**Task to carry out:** Go through the data and copy each line that holds "type".

**Dataset records:**
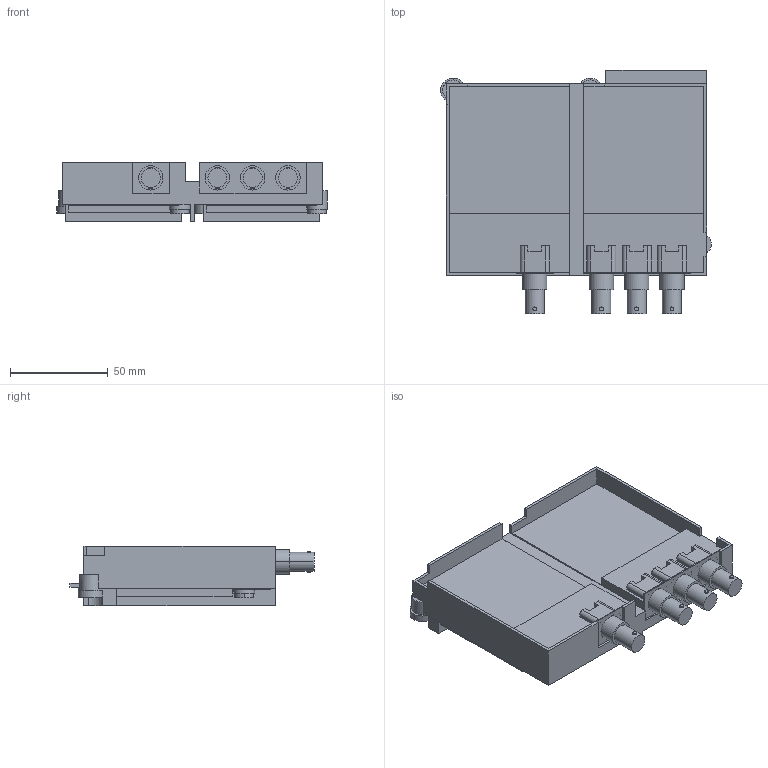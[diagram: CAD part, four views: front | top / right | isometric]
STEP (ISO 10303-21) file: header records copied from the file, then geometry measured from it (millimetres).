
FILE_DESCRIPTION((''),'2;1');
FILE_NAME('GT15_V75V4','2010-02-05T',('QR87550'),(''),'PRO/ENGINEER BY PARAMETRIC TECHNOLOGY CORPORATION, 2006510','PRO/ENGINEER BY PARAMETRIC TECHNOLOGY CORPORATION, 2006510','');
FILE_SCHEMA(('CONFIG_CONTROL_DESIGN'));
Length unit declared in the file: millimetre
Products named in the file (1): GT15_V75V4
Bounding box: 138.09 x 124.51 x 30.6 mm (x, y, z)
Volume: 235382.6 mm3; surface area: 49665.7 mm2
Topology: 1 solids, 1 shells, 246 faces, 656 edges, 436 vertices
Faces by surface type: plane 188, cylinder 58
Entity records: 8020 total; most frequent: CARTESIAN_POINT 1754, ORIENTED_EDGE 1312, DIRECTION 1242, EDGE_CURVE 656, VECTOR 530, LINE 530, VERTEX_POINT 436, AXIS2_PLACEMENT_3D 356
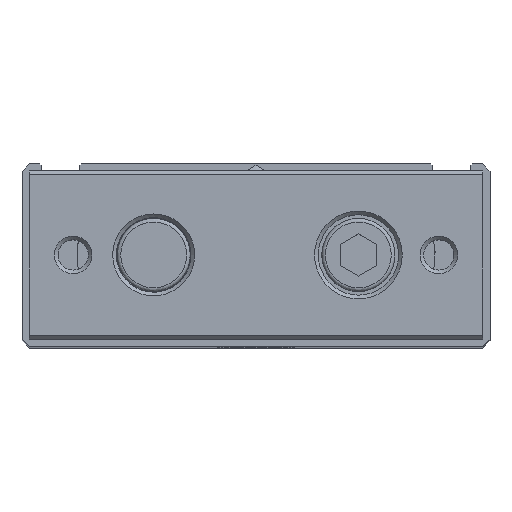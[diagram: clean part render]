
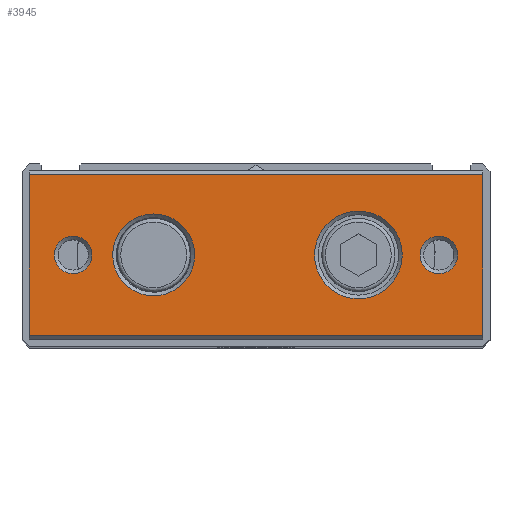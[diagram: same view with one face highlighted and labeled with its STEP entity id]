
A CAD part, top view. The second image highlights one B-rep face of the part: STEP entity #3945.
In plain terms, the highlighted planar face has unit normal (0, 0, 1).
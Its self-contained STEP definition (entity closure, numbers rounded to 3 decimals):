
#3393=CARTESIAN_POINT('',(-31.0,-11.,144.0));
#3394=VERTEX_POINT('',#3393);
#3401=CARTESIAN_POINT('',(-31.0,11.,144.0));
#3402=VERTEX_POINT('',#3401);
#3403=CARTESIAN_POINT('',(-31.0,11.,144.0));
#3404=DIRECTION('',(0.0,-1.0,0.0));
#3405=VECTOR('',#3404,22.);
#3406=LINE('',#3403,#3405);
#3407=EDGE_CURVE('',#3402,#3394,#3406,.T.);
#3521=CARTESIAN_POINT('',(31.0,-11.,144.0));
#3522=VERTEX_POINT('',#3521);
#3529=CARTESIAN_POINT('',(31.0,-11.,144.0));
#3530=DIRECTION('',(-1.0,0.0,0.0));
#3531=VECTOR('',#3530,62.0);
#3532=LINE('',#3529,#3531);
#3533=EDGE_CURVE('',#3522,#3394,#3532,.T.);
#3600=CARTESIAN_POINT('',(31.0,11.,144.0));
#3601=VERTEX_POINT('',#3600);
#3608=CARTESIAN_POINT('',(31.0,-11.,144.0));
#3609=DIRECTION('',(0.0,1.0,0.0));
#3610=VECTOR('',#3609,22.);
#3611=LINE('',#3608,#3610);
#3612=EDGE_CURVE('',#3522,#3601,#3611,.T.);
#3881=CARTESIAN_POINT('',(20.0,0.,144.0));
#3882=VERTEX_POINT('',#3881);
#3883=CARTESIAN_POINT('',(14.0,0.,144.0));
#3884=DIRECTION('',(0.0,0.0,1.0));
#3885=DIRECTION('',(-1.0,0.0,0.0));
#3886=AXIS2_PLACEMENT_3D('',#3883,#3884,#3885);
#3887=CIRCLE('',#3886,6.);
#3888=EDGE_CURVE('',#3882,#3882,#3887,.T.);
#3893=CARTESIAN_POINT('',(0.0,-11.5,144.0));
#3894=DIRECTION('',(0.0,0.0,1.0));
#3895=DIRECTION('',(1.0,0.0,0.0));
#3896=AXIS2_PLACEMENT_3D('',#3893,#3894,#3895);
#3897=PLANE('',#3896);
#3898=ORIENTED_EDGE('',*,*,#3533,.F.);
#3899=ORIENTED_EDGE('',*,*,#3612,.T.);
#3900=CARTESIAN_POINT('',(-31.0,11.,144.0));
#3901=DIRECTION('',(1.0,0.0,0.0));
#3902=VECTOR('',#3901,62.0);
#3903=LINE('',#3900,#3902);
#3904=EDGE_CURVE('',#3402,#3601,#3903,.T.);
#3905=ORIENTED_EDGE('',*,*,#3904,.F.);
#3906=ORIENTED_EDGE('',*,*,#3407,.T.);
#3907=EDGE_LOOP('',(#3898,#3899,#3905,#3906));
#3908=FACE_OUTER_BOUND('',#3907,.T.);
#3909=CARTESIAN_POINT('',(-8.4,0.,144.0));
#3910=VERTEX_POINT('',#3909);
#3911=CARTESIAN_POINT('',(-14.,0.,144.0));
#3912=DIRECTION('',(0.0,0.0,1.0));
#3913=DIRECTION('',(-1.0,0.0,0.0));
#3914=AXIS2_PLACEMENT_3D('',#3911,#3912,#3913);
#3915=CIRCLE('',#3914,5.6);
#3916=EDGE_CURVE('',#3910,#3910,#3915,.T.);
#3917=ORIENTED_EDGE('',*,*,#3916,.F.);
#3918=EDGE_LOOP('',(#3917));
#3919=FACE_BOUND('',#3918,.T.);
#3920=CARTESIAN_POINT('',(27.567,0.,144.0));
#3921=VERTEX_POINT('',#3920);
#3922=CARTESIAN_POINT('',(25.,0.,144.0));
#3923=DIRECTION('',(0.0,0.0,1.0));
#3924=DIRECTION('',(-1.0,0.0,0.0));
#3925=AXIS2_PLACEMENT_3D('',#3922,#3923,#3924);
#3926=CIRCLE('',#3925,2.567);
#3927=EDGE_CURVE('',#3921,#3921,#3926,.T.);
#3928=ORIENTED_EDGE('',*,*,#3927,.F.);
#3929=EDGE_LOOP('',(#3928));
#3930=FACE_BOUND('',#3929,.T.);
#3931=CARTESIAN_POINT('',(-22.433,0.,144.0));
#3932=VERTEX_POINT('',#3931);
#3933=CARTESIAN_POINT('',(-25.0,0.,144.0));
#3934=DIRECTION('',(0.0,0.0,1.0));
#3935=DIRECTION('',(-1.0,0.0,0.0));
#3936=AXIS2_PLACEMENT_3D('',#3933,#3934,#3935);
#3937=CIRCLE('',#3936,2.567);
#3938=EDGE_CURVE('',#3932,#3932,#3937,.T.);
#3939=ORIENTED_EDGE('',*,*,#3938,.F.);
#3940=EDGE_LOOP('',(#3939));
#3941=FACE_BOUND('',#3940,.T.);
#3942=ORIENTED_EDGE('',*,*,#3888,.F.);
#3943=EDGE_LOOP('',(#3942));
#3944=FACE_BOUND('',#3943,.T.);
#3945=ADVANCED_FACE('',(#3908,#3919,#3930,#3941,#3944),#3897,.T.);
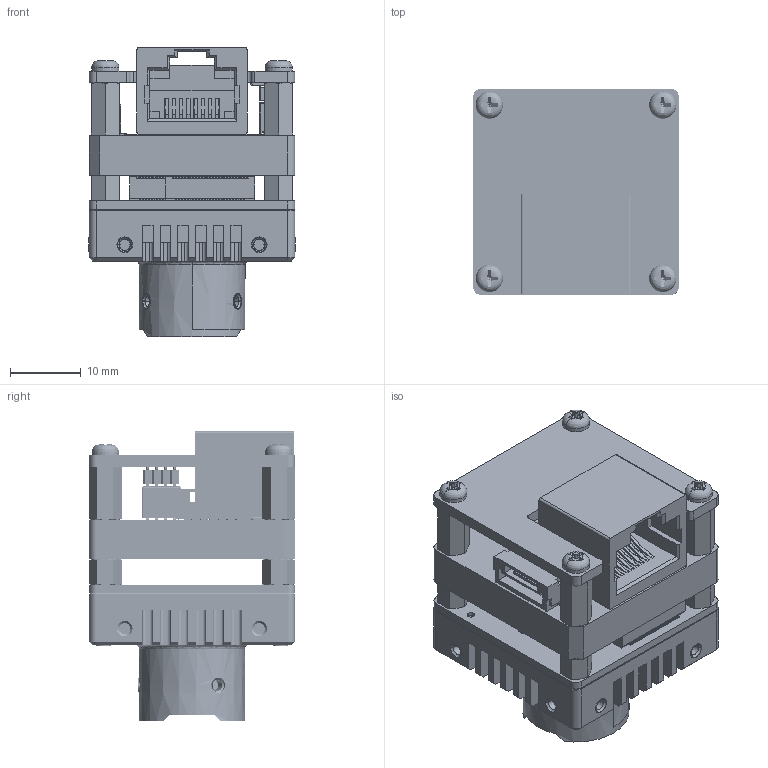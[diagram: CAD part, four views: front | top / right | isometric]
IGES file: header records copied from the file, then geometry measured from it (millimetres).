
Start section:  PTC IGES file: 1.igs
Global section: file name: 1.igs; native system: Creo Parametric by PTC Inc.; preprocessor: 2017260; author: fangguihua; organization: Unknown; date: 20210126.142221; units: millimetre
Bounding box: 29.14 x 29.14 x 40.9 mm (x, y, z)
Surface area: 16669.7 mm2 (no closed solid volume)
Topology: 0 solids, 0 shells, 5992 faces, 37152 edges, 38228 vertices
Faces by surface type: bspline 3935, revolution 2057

**Worked solution:**
Faces by surface type: plane 188, cylinder 58
Faces by surface type: bspline 3935, revolution 2057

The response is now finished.